Superior Molecular Representations from Intermediate Encoder Layers
Luis Pinto
TL;DR
This work questions the default reliance on final-layer embeddings from pretrained molecular encoders and demonstrates, across five architectures and 22 ADMET tasks, that intermediate layers often provide more transferable features. It introduces two label-free probes to map information flow and evaluates frozen embeddings with a lightweight surrogate model, complemented by finetuning experiments with layer-restricted encoders. The results show intermediate representations yield average improvements of 5.4% for frozen embeddings and 8.5% when finetuned to intermediate depths, with several tasks achieving new state-of-the-art performance.

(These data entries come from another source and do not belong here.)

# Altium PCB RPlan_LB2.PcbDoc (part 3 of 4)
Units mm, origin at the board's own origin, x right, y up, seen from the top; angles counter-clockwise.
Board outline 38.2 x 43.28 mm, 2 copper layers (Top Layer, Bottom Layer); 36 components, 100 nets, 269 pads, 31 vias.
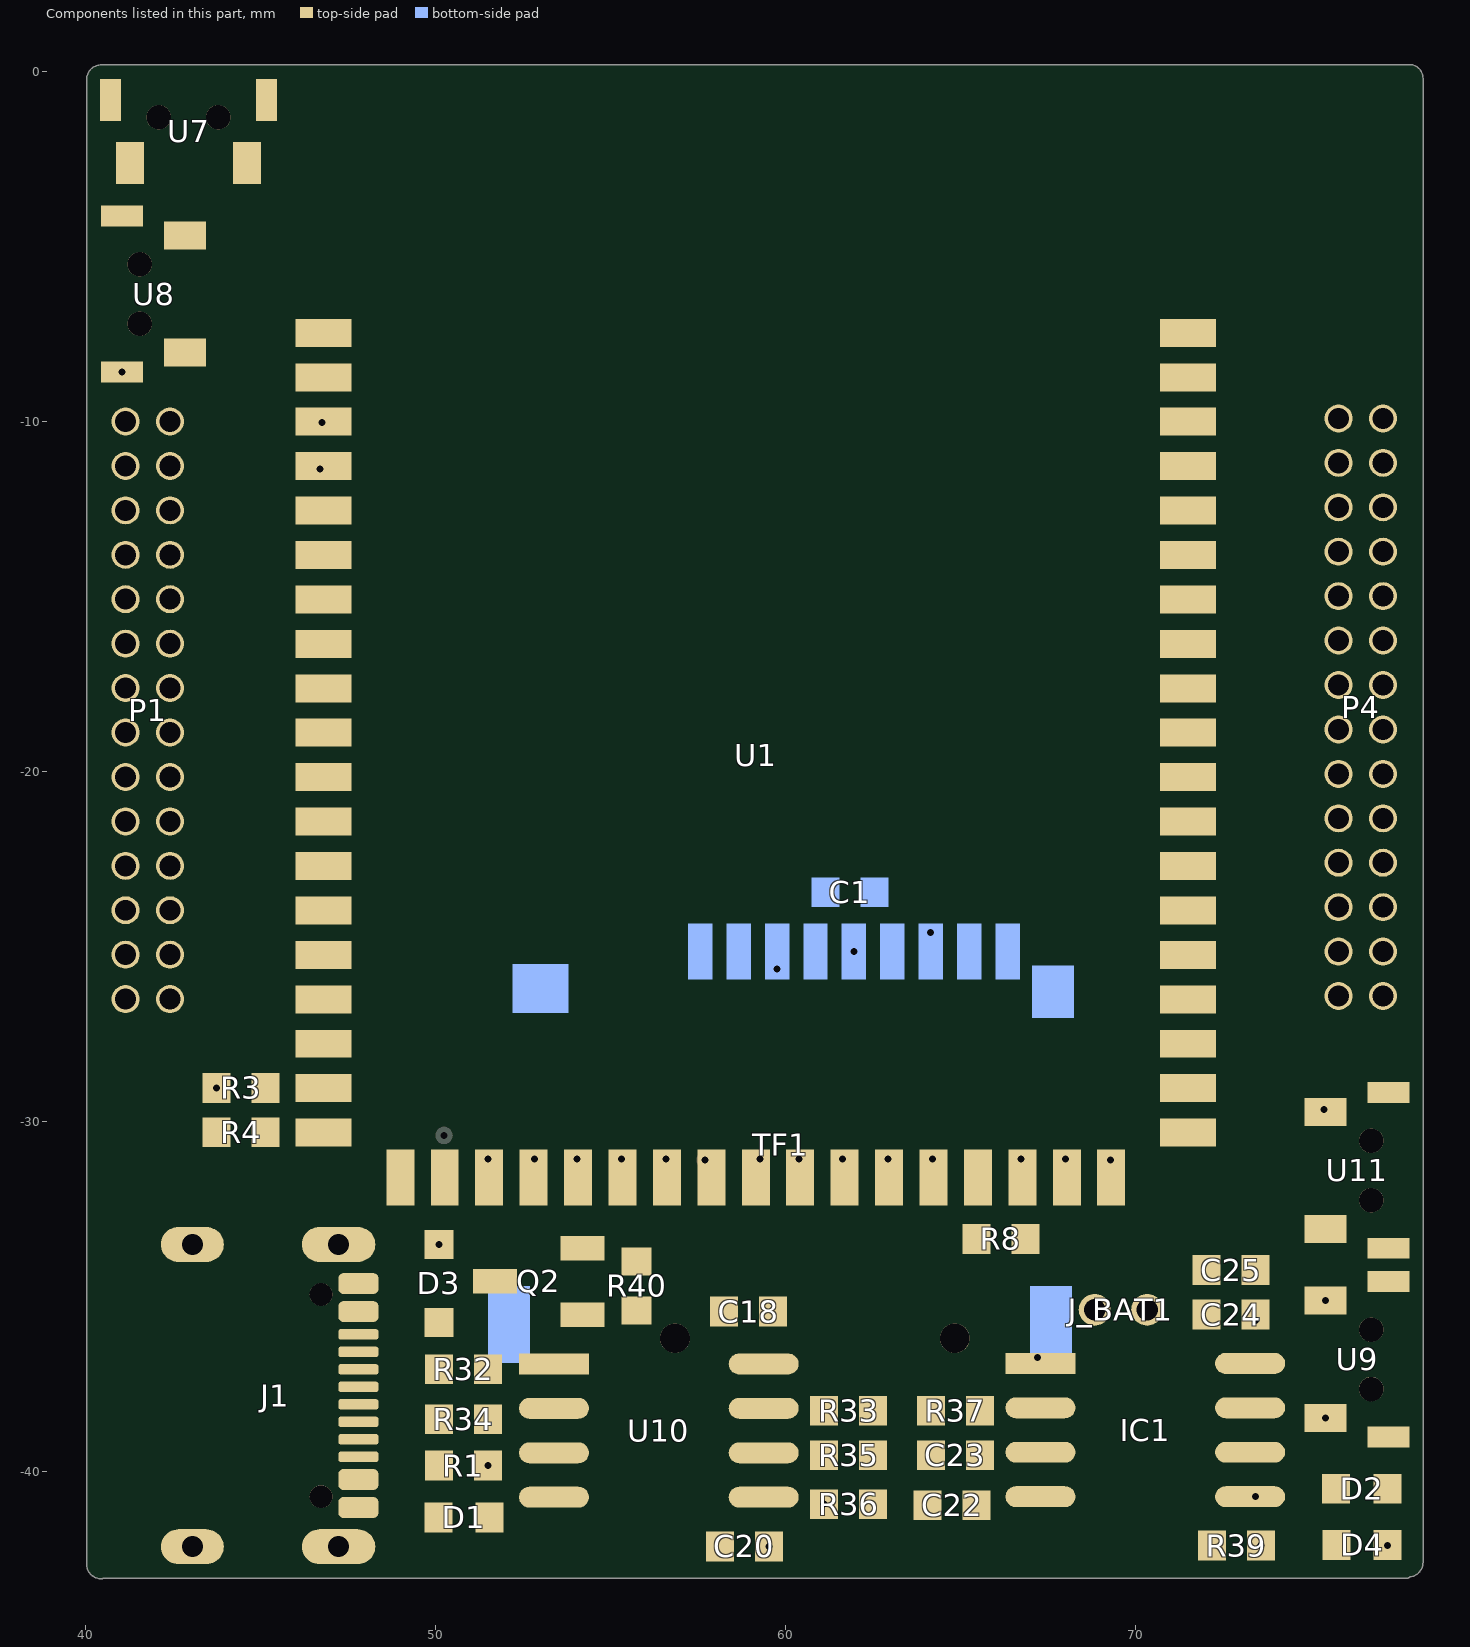
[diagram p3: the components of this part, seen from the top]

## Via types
v1: diameter 0.5, hole 0.3, Top Layer to Bottom Layer, 28 vias
v2: diameter 0.4, hole 0.2, Top Layer to Bottom Layer, 3 vias

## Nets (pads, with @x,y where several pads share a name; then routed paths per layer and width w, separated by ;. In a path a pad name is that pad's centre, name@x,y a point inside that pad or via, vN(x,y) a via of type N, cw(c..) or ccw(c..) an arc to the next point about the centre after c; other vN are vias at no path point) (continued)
copper on no net: (continued)
  Bottom Layer w0.025: 56.497,-15.715 57.386,-15.715 ; 56.497,-15.69 57.386,-15.69 ; 56.497,-15.664 57.386,-15.664 ; 56.497,-15.639 57.386,-15.639 ; 56.497,-15.613 57.386,-15.613 ; 56.497,-15.588 57.386,-15.588 ; 56.497,-15.563 57.386,-15.563 ; 56.497,-15.537 57.386,-15.537 ; 56.497,-15.512 57.386,-15.512 ; 56.497,-15.486 57.386,-15.486 ; 56.497,-15.461 57.386,-15.461 ; 56.497,-15.436 57.386,-15.436 ; 56.497,-15.41 57.183,-15.41 ; 56.497,-15.385 57.183,-15.385 ; 56.497,-15.359 57.183,-15.359 ; 56.497,-15.334 57.183,-15.334 ; 56.497,-15.309 57.183,-15.309 ; 56.497,-15.283 57.183,-15.283 ; 56.497,-15.258 57.183,-15.258 ; 56.497,-15.232 57.183,-15.232 ; 56.497,-15.207 57.183,-15.207 ; 56.497,-15.182 57.183,-15.182 ; 56.497,-15.156 57.183,-15.156 ; 56.497,-15.131 57.183,-15.131 ; 56.497,-14.775 56.852,-14.775 ; 56.497,-14.75 56.852,-14.75 ; 56.497,-14.724 56.852,-14.724 ; 56.497,-14.699 56.852,-14.699 ; 56.497,-14.674 56.852,-14.674 ; 56.497,-14.648 56.852,-14.648 ; 56.497,-14.623 56.852,-14.623 ; 56.497,-14.597 56.852,-14.597 ; 56.497,-14.572 56.852,-14.572 ; 56.497,-14.547 56.852,-14.547 ; 56.497,-14.521 56.852,-14.521 ; 56.497,-14.496 56.852,-14.496 ; 56.497,-14.47 56.852,-14.47 ; 56.497,-14.445 56.852,-14.445 ; 56.497,-14.115 56.852,-14.115 ; 56.497,-14.089 56.852,-14.089 ; 56.497,-14.064 56.852,-14.064 ; 56.497,-14.039 56.852,-14.039 ; 56.497,-14.013 56.852,-14.013 ; 56.497,-13.988 56.852,-13.988 ; 56.497,-13.962 56.852,-13.962 ; 56.497,-13.937 56.852,-13.937 ; 56.497,-13.912 56.852,-13.912 ; 56.497,-13.886 56.852,-13.886 ; 56.497,-13.861 56.852,-13.861 ; 56.497,-13.835 56.852,-13.835 ; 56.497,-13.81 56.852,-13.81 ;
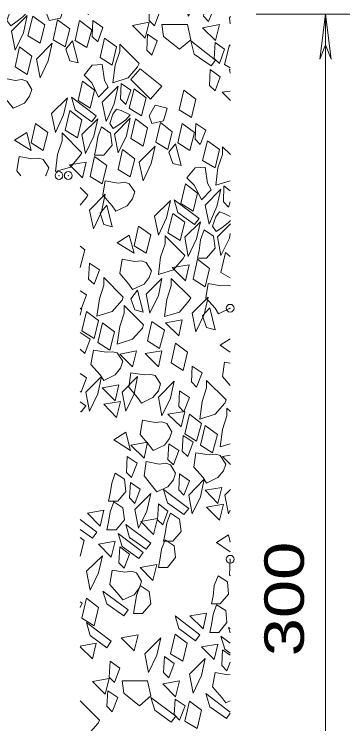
# Model space of a CAD drawing. Extents: x 312583 to 312854, y 144419 to 144597.
# Drawn here: x 312777.68 to 312784.13, y 144501.24 to 144514.89 of the extents above; entities that cross this region are included whole.
import ezdxf

# ---------------------------------------------------------------- set-up
doc = ezdxf.new("R2010")
doc.units = 0
doc.header["$LTSCALE"] = 0.3
doc.header["$PDMODE"] = 32
doc.header["$PDSIZE"] = 0.15
doc.layers.add('2', color=7, linetype='Continuous', lineweight=13)

msp = doc.modelspace()

# ---------------------------------------------------------------- linework, layer by layer
at = {"layer": '2'}
for p, q in [((312781.8142, 144514.8239), (312781.8372, 144514.8469)), ((312781.8295, 144514.7089), (312781.8142, 144514.8239)), ((312782.3279, 144514.8929), (312784.1295, 144514.8929)), ((312783.6619, 144514.8929), (312783.5545, 144514.0266)), ((312783.6619, 144491.7856), (312783.6619, 144514.8929)), ((312783.6619, 144514.8929), (312783.7692, 144514.0266)), ((312783.5545, 144514.0266), (312783.6619, 144514.3026)), ((312783.7692, 144514.0266), (312783.6619, 144514.3026)), ((312781.8295, 144513.8579), (312781.7222, 144513.9269)), ((312781.8295, 144513.4132), (312781.6762, 144513.3902)), ((312781.6762, 144513.3902), (312781.8372, 144513.2292)), ((312778.5405, 144511.7879), (312778.5405, 144511.7802)), ((312778.7245, 144511.7879), (312778.7169, 144511.7879)), ((312781.8295, 144511.4966), (312781.7069, 144511.5886)), ((312781.8295, 144510.9982), (312781.7145, 144511.0596)), ((312781.5842, 144510.6072), (312781.8372, 144510.8602)), ((312781.8295, 144509.8176), (312781.6532, 144509.9249)), ((312781.8295, 144508.6446), (312781.6379, 144508.5219)), ((312781.6379, 144508.5219), (312781.8295, 144508.3916)), ((312781.8295, 144506.4059), (312781.6839, 144506.3829)), ((312781.6839, 144506.3829), (312781.8372, 144506.2296)), ((312781.7299, 144505.6392), (312781.8372, 144505.7466)), ((312781.5689, 144504.7269), (312781.8295, 144504.5506)), ((312781.8295, 144502.5572), (312781.6839, 144502.6646)), ((312781.7299, 144502.6722), (312781.8295, 144502.5956))]:
    msp.add_line(p, q, dxfattribs=at)
for points in [[(312777.5822, 144514.8929), (312777.5362, 144514.7702), (312777.6129, 144514.6706), (312777.7125, 144514.7396), (312777.8429, 144514.8392), (312777.8965, 144514.8929)], [(312778.3029, 144514.8929), (312778.3489, 144514.7702), (312778.5712, 144514.8162), (312778.5942, 144514.8929)], [(312779.1079, 144514.8929), (312779.1079, 144514.8852), (312779.0925, 144514.8929)], [(312780.2732, 144514.8929), (312780.2732, 144514.7702), (312780.3729, 144514.6706), (312780.4572, 144514.8929)], [(312781.0475, 144514.8929), (312781.0245, 144514.8546), (312781.0169, 144514.8929)], [(312781.3235, 144514.8929), (312781.3159, 144514.8546), (312781.4155, 144514.7549), (312781.4692, 144514.8929)], [(312781.7222, 144513.9269), (312781.8142, 144514.3026), (312781.8295, 144514.2872)], [(312781.8295, 144513.8196), (312781.8142, 144513.8349), (312781.8295, 144513.7582)], [(312781.8372, 144512.1942), (312781.6839, 144512.3399), (312781.6839, 144512.1942)], [(312781.6839, 144512.1942), (312781.5919, 144511.9336), (312781.5535, 144511.6039), (312781.8295, 144511.6882)], [(312778.2799, 144511.7802), (312778.2952, 144511.8032), (312778.3412, 144511.9336), (312778.2339, 144512.0946), (312778.1495, 144512.1252), (312778.0192, 144512.1099), (312777.7739, 144512.1559), (312777.7279, 144511.8799), (312777.8045, 144511.7802)], [(312778.9469, 144511.2206), (312779.0619, 144511.3586), (312779.0925, 144511.4122), (312778.9469, 144511.5579)], [(312781.7069, 144511.5886), (312781.6992, 144511.2819), (312781.7989, 144511.1822), (312781.8295, 144511.2819)], [(312781.7145, 144511.0596), (312781.6225, 144511.0902), (312781.5535, 144510.9906), (312781.4922, 144510.8142), (312781.5612, 144510.7146), (312781.6685, 144510.7836), (312781.7989, 144510.8832), (312781.8372, 144510.9216)], [(312781.8295, 144510.6762), (312781.8142, 144510.5842), (312781.6532, 144510.2469), (312781.5842, 144510.6072)], [(312778.9469, 144510.4309), (312779.0389, 144510.3619), (312778.9469, 144510.0169)], [(312781.6532, 144509.9249), (312781.7375, 144510.3082), (312781.8295, 144510.2316)], [(312781.8372, 144509.6642), (312781.7835, 144509.6796), (312781.6532, 144509.6642), (312781.4079, 144509.7102), (312781.3619, 144509.4342), (312781.5382, 144509.2349)], [(312778.9469, 144509.2349), (312778.9622, 144509.2196), (312779.0695, 144509.4956), (312778.9469, 144509.5722)], [(312778.9469, 144509.1046), (312778.9775, 144509.2272), (312778.9469, 144509.2272)], [(312781.5382, 144509.2349), (312781.6072, 144509.1276), (312781.8295, 144509.2349)], [(312778.9469, 144508.4452), (312779.0389, 144508.3609), (312779.1385, 144508.6369), (312778.9469, 144508.7672)], [(312781.8295, 144508.1769), (312781.7222, 144508.1999), (312781.6839, 144507.9239), (312781.8295, 144507.7476)], [(312778.9469, 144507.6326), (312778.9622, 144507.6172), (312779.0695, 144507.8932), (312778.9469, 144507.9776)], [(312778.9469, 144507.2492), (312778.9622, 144507.2416), (312779.0542, 144507.3566), (312778.9469, 144507.4332)], [(312781.8372, 144507.2492), (312781.7682, 144507.3106), (312781.7682, 144507.1649)], [(312781.7682, 144507.1649), (312781.6839, 144506.9042), (312781.6379, 144506.5669), (312781.8295, 144506.6282)], [(312781.8295, 144505.3479), (312781.7989, 144505.2789), (312781.7299, 144505.6392)], [(312778.9469, 144504.9799), (312779.1845, 144504.8112), (312779.2689, 144504.9262), (312778.9469, 144505.1716)], [(312778.9469, 144504.8266), (312779.0235, 144504.7652), (312778.9469, 144504.4662)], [(312781.8295, 144504.7346), (312781.7989, 144504.8726), (312781.5689, 144504.7269)], [(312781.8295, 144504.4049), (312781.8142, 144504.0982), (312781.8372, 144504.0829)], [(312778.9469, 144503.4772), (312778.9852, 144503.5616), (312778.9469, 144503.5846)], [(312781.8295, 144503.0709), (312781.7989, 144503.0939), (312781.8295, 144502.9866)], [(312781.8295, 144502.7872), (312781.6532, 144502.9252), (312781.7299, 144502.6722)], [(312778.9469, 144502.7182), (312779.1845, 144502.4882), (312779.2535, 144502.7872), (312778.9469, 144502.7336)], [(312781.6839, 144502.6646), (312781.6685, 144502.3579), (312781.7682, 144502.2582), (312781.8295, 144502.4269)], [(312781.8295, 144502.1892), (312781.7835, 144502.1816), (312781.5382, 144502.2276), (312781.4922, 144501.9516), (312781.6685, 144501.7446)], [(312781.8295, 144501.4609), (312781.3619, 144501.8212), (312781.4385, 144501.5682)], [(312778.9469, 144500.9932), (312779.1002, 144501.0316), (312779.2919, 144501.2539), (312779.3149, 144501.3076), (312778.9469, 144501.6832)], [(312781.6685, 144501.7446), (312781.7452, 144501.6449), (312781.8295, 144501.6832)], [(312781.4385, 144501.5682), (312781.7605, 144501.3382), (312781.8295, 144501.4456)]]:
    msp.add_lwpolyline(points, dxfattribs=at)
for points in [[(312777.6282, 144514.5632), (312777.9272, 144514.8699), (312777.8582, 144514.5326), (312777.6972, 144514.2029)], [(312777.9425, 144514.4789), (312778.0345, 144514.8546), (312778.2645, 144514.6859), (312778.1802, 144514.3332)], [(312778.4255, 144514.4022), (312778.5099, 144514.7856), (312778.7475, 144514.6092), (312778.6555, 144514.2642)], [(312778.8472, 144514.3869), (312778.9315, 144514.7702), (312779.1692, 144514.5939), (312779.0772, 144514.2489)], [(312779.1922, 144514.7702), (312779.1769, 144514.4636), (312779.2842, 144514.3639), (312779.3839, 144514.6399)], [(312779.9512, 144514.6782), (312780.1965, 144514.4329), (312780.2732, 144514.7396)], [(312780.5492, 144514.4636), (312780.8559, 144514.2182), (312781.0705, 144514.4022), (312781.0092, 144514.6936), (312780.5185, 144514.6936)], [(312781.3005, 144514.6322), (312781.5459, 144514.3869), (312781.6225, 144514.6936)], [(312780.2425, 144514.5096), (312780.2272, 144514.2029), (312780.3269, 144514.1032), (312780.4265, 144514.3792)], [(312778.6709, 144514.2182), (312778.7475, 144513.9959), (312778.9085, 144513.9576), (312778.8012, 144514.3792)], [(312779.3302, 144514.0572), (312779.4145, 144514.4329), (312779.6445, 144514.2642), (312779.5602, 144513.9116)], [(312781.1395, 144514.1262), (312781.4615, 144513.8962), (312781.5459, 144514.0112), (312781.0705, 144514.3792)], [(312777.6972, 144513.8809), (312777.7815, 144514.2642), (312778.0192, 144514.0879), (312777.9272, 144513.7352)], [(312778.1035, 144514.0266), (312778.4102, 144514.3332), (312778.3335, 144513.9959), (312778.1802, 144513.6662)], [(312779.7059, 144514.1722), (312779.6215, 144513.9116), (312779.5755, 144513.5742), (312779.8669, 144513.6662), (312780.0509, 144513.8809), (312780.0815, 144513.9422), (312779.7059, 144514.3179)], [(312781.5382, 144514.3486), (312781.5229, 144514.0419), (312781.6225, 144513.9422), (312781.7222, 144514.2182)], [(312779.2995, 144513.2982), (312779.1692, 144513.5742), (312779.0235, 144513.7199), (312779.1769, 144513.9116), (312779.3685, 144513.9269), (312779.4145, 144513.6202), (312779.4835, 144513.4899)], [(312780.0969, 144513.8426), (312779.9205, 144513.6356), (312780.2962, 144513.2599), (312780.5185, 144513.5052)], [(312781.4462, 144513.8272), (312781.4309, 144513.5206), (312781.5382, 144513.4209), (312781.6379, 144513.6892)], [(312777.5822, 144513.1832), (312777.6589, 144513.0836), (312777.8735, 144513.1832), (312777.9732, 144513.3136), (312778.0192, 144513.4439), (312777.9195, 144513.6049), (312777.8275, 144513.6356), (312777.6972, 144513.6202), (312777.4519, 144513.6662), (312777.4059, 144513.3902)], [(312778.9085, 144513.2292), (312778.9929, 144513.6049), (312779.2229, 144513.4286), (312779.1385, 144513.0836)], [(312779.7365, 144513.5589), (312779.7212, 144513.2599), (312779.8209, 144513.1526), (312779.9205, 144513.4286)], [(312779.3685, 144513.1986), (312779.6752, 144513.5052), (312779.5985, 144513.1679), (312779.4452, 144512.8306)], [(312779.8899, 144513.0836), (312779.9819, 144513.4592), (312780.2119, 144513.2829), (312780.1275, 144512.9379)], [(312780.8482, 144513.0529), (312780.9402, 144513.4286), (312781.1702, 144513.2599), (312781.0859, 144512.9072)], [(312778.3949, 144512.9839), (312778.7015, 144513.2829), (312778.6249, 144512.9532), (312778.4715, 144512.6159)], [(312778.8472, 144513.0529), (312779.1692, 144512.8229), (312779.2535, 144512.9379), (312778.7782, 144513.2982)], [(312780.3882, 144513.1449), (312780.2732, 144512.9379), (312780.3269, 144512.7922), (312780.5492, 144512.8382), (312780.6182, 144513.0836)], [(312778.6555, 144512.6619), (312778.7475, 144513.0376), (312778.9775, 144512.8612), (312778.8932, 144512.5162)], [(312779.7365, 144513.0376), (312779.6445, 144513.0682), (312779.5755, 144512.9686), (312779.5142, 144512.7922), (312779.5832, 144512.6926), (312779.6905, 144512.7616), (312779.8209, 144512.8612), (312779.9052, 144512.9532)], [(312778.9775, 144512.5776), (312779.2842, 144512.8766), (312779.2075, 144512.5469), (312779.0465, 144512.2096)], [(312779.6062, 144512.5852), (312779.9052, 144512.8919), (312779.8362, 144512.5546), (312779.6752, 144512.2249)], [(312779.9205, 144512.5009), (312780.0125, 144512.8766), (312780.2425, 144512.7079), (312780.1582, 144512.3552)], [(312778.0039, 144512.4166), (312778.0882, 144512.7922), (312778.3259, 144512.6159), (312778.2339, 144512.2709)], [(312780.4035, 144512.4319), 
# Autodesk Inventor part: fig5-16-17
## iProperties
Created: 2004-05
Part Number: fig5-16-17
Document SubType Name: Modeling
Designer: CADCIM Technologies
Manufacturer: Standard
Standards Organization: Custom
Author: CADCIM Technologies
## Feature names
1. Extrusion1
2. Extrusion2
3. Fillet1

The findings advocate for a two-stage, depth-wise exploration of molecular encoders to improve predictive accuracy and computational efficiency in cheminformatics applications.
Abstract
Pretrained molecular encoders have become indispensable in computational chemistry for tasks such as property prediction and molecular generation. However, the standard practice of relying solely on final-layer embeddings for downstream tasks may discard valuable information. In this work, we first analyze the information flow in five diverse molecular encoders and find that intermediate layers retain more general-purpose features, whereas the final-layer specializes and compresses information. We then perform an empirical layer-wise evaluation across 22 property prediction tasks. We find that using frozen embeddings from optimal intermediate layers improves downstream performance by an average of 5.4%, up to 28.6%, compared to the final-layer. Furthermore, finetuning encoders truncated at intermediate depths achieves even greater average improvements of 8.5%, with increases as high as 40.8%, obtaining new state-of-the-art results on several benchmarks. These findings highlight the importance of exploring the full representational depth of molecular encoders to achieve substantial performance improvements and computational efficiency. The code will be made publicly available.